If all you need to know about the food is its name, and you don't need to represent a food independently from any species, the FOOD table can be omitted altogether.
1 In case there can be multiple preferred foods per individual animal, you'd need one more table "between" INDIVIDUAL and SPECIES_FOOD, and be careful to keep using identifying relationships, so SPECIES_NAME is migrated all the way down (to prevent preferring a food not edible by the species).
If you take the (natural) JOIN of ANIMALS and PREFERRED_FOOD, then you get a table in which for each animal, its type and its preferred food are listed.

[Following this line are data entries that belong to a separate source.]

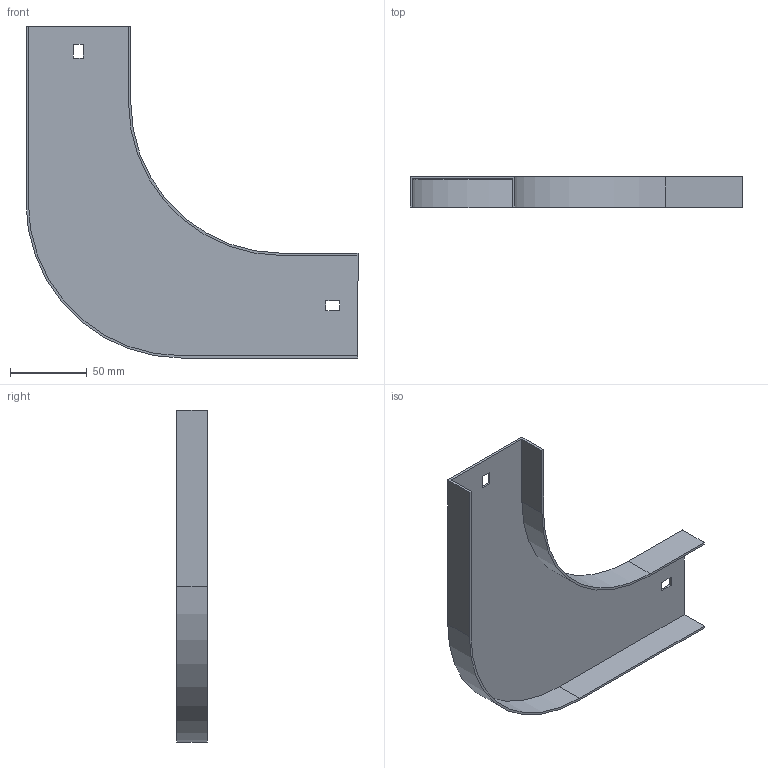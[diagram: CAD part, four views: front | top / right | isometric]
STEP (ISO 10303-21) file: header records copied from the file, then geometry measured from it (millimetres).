
FILE_DESCRIPTION (( 'STEP AP214' ), '1' );
FILE_NAME ('10N1R065.step', '2025-02-21T09:21:24', ( '' ), ( '' ), 'SwSTEP 2.0', 'SolidWorks 2023', '' );
FILE_SCHEMA (( 'AUTOMOTIVE_DESIGN' ));
Length unit declared in the file: millimetre
Products named in the file (1): 10N1R065
Bounding box: 217 x 20 x 217 mm (x, y, z)
Volume: 55089.7 mm3; surface area: 74830.1 mm2
Topology: 1 solids, 1 shells, 26 faces, 72 edges, 48 vertices
Faces by surface type: plane 22, cylinder 4
Entity records: 855 total; most frequent: CARTESIAN_POINT 147, ORIENTED_EDGE 144, DIRECTION 134, EDGE_CURVE 72, VECTOR 64, LINE 64, VERTEX_POINT 48, AXIS2_PLACEMENT_3D 35

You want that combination to be "valid" for each individual animal where "valid" means "to appear in the enumeration of valid animal type/food type combinations that are listed in FOOD.
So you have a constraint that is somewhat similar to an FK, but this time the "foreign key" appears not in a base table, but in a join of two tables. For this type of constraint, the SQL language has CHECK constraints and ASSERTIONS.
The ASSERTION version is the simplest. It is a constraint like (I've been somewhat liberal with the attribute names in order to avoid mere attribute renames that obfuscate the point)
CREATE ASSERTION <name for your constraint here>
CHECK NOT EXISTS (SELECT ANIMAL_TYPE, FOOD_TYPE
FROM ANIMALS NATURAL JOIN PREF_FOOD
WHERE (ANIMAL_TYPE, FOOD_TYPE) NOT IN
SELECT ANIMAL_TYPE, FOOD_TYPE FROM FOOD_TYPE);
But your average SQL engine won't support ASSERTIONs. So you have to use CHECK constraints. For the PREF_FOOD table, for example, the CHECK constraint you need might look something like
CHECK EXISTS (SELECT 1
FROM FOOD NATURAL JOIN ANIMAL
WHERE ANIMAL_TYPE = <animal type of inserted row> AND
FOOD_TYPE = <food type of inserted row>);
In theory, this should suffice to enforce your constraint, but then again your average SQL engine will once again not support this kind of CHECK constraint, because of the references to tables other than the one the constraint is defined on.
So the options you have is to resort to rather complex (*) setups like catcall's, or enforcing the constraint using triggers (and you'll have to write quite a lot of them (three or six at least, haven't thought this through in detail), and your next best option is to enforce this in application code, and once again there will be three or six (more or less) distinct places where the same number of distinct checks need to be implemented.
In all of these three scenario's, you will preferably want to document the existence of the constraint, and what exactly it is about, in some other place. None of the three will make it very obvious to a third party reading this design what the heck this is all about.
(*) "complex" might not exactly be the right word, but note that such solutions rely on deliberate redundancy, thus deliberately going below 3NF with the design. And this means that your design is exposed to update anomalies, meaning that it will be harder for the user to update the database AND keep it consistent (precisely because of the deliberate redundancies).